8. If the dough is dry, lightly mist it with a spray bottle filled with water. Dust the surface of the second pasta sheet with a small amount of ‘00’ or all-purpose flour, spreading it around with your hand and removing any excess. Then carefully lay the pasta sheet on top of the filling, flour-side up, making sure everything is completely covered (you can stretch the dough a bit if needed).
9. Use the stamp to cut out the anolini by pressing down firmly over each heap of filling; it’ll still seal the pasta even if the filling broaches the edges. Peel away the scraps and cut them into pieces for soups or a snack. Transfer the anolini to the prepared sheet pan and repeat the process with the remaining dough and filling.
1. Bring a large pot of water to a lively (not rolling) boil and salt it generously.
2. Melt half of butter in a large skillet or saute pan over medium heat—cut the rest into pieces and return to the refrigerator.
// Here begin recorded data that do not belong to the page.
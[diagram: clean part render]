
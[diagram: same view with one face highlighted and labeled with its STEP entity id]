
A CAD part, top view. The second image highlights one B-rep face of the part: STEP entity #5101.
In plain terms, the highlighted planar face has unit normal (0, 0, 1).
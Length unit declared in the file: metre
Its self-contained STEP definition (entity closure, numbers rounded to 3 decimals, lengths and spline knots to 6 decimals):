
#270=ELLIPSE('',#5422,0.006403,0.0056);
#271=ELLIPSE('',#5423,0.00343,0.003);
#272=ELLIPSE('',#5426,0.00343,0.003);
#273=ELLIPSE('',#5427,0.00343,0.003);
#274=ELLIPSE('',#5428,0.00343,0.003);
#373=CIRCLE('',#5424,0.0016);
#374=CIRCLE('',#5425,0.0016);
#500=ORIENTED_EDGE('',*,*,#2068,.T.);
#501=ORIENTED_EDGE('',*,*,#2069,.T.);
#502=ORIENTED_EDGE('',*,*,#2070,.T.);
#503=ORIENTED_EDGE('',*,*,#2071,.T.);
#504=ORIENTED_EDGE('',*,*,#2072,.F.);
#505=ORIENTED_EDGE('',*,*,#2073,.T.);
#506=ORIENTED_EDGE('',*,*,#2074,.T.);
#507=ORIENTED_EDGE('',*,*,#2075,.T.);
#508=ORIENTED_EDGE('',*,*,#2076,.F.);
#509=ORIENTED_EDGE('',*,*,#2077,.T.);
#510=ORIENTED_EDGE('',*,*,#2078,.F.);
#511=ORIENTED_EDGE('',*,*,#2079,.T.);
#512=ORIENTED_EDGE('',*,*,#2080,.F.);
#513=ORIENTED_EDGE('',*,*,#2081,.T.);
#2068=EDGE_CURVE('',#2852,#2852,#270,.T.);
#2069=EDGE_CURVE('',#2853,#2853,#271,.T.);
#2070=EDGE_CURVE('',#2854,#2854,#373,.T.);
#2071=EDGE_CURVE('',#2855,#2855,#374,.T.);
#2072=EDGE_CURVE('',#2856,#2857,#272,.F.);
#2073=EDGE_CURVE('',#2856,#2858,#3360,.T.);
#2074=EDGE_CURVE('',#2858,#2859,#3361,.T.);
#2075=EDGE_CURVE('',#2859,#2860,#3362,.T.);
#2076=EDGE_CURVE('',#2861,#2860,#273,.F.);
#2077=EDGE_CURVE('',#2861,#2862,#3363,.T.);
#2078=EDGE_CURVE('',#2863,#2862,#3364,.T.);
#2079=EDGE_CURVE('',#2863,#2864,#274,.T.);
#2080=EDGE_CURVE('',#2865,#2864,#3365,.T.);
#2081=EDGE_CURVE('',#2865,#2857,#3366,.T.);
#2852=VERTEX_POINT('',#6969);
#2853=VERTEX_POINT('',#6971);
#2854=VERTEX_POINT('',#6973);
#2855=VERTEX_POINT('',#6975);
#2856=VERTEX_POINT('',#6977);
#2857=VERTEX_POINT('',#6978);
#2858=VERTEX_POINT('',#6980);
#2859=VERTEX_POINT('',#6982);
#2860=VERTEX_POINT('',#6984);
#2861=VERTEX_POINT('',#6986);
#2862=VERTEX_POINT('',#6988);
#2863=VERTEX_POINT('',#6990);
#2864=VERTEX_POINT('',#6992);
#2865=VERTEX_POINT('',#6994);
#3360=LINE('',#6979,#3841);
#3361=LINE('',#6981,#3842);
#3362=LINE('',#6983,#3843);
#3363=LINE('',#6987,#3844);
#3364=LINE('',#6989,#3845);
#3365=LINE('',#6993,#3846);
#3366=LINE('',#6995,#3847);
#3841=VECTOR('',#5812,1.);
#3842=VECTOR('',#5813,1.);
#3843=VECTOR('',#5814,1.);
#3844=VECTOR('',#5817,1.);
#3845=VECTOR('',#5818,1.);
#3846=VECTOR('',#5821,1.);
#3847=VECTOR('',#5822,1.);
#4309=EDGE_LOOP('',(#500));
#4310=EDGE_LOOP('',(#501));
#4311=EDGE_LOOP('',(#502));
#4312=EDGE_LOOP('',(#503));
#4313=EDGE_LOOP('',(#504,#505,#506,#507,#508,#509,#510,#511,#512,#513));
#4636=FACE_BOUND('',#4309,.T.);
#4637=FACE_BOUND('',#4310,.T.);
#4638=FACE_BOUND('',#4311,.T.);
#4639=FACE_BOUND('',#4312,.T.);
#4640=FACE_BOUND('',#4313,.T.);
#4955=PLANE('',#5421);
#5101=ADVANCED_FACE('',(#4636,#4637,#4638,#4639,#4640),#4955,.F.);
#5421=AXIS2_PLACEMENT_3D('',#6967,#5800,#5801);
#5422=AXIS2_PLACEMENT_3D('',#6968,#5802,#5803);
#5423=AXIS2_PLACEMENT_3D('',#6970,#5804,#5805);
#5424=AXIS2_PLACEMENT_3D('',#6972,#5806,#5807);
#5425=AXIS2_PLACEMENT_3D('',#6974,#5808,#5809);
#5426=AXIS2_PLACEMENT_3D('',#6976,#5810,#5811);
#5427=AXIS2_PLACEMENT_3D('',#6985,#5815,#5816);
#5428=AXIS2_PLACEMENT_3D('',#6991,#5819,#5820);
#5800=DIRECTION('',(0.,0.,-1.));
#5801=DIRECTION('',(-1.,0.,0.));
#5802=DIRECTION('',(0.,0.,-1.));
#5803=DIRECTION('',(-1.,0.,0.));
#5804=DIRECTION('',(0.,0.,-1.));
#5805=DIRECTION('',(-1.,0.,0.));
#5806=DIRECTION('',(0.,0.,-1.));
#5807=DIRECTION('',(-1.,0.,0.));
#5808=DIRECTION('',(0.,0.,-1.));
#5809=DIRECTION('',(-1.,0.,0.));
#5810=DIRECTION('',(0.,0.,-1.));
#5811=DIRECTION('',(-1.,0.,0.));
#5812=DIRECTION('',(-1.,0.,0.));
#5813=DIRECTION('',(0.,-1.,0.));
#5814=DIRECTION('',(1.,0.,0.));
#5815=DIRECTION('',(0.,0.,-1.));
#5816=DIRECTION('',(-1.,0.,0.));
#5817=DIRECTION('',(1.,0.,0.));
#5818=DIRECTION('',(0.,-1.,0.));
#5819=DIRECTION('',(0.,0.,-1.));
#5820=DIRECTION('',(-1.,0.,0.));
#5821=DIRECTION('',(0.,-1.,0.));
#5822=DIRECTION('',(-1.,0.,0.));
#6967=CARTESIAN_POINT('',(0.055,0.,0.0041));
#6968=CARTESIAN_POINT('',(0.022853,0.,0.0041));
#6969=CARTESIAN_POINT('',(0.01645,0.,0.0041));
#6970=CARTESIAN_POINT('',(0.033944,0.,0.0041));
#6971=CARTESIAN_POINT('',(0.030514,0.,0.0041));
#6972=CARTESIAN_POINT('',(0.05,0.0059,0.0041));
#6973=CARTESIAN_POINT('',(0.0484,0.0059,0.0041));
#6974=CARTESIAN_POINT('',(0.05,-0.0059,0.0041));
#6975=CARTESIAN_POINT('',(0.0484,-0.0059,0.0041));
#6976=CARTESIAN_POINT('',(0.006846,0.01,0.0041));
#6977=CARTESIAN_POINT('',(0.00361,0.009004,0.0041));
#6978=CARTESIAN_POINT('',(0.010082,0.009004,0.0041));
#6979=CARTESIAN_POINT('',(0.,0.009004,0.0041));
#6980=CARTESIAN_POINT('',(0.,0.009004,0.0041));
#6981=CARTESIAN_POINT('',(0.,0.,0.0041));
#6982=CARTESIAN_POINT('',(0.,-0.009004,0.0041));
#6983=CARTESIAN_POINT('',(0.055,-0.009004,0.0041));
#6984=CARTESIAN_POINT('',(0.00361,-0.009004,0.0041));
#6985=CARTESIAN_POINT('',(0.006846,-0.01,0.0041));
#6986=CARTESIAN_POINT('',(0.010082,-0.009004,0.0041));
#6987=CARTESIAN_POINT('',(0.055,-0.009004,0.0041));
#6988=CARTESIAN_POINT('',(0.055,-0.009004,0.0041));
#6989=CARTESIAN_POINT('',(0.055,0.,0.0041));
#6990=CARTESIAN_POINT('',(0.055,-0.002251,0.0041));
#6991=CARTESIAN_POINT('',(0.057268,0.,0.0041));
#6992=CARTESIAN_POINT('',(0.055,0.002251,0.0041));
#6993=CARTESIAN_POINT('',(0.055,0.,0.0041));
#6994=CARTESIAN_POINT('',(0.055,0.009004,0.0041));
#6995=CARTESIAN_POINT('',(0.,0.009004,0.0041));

When it starts to foam and sizzle, stir in the strips of lemon zest and a pinch of salt. Remove from the heat.
3. Carefully drop the anolini into the boiling water and stir for a moment to prevent them from sticking. Cook until tender, 2 to 3 minutes.
4. While the anolini cook, return the butter to medium heat. Add the peas and a pinch of salt and shake the pan to coat.
5. Use a spider sieve or slotted spoon to lift the anolini from the boiling water and add them directly to the butter sauce, along with the remaining cold butter. Cook, swirling the pan constantly, until the cold butter melts and the pasta is well-coated. Loosen the sauce with a spoonful of pasta cooking water as needed.
6. Divide the anolini among bowls. Spoon over the butter sauce and peas, and finish with minced chives, dill, and a sprinkling of crushed pink peppercorns (or lots of freshly ground black pepper). Enjoy immediately, with the remaining lemon wedges for squeezing.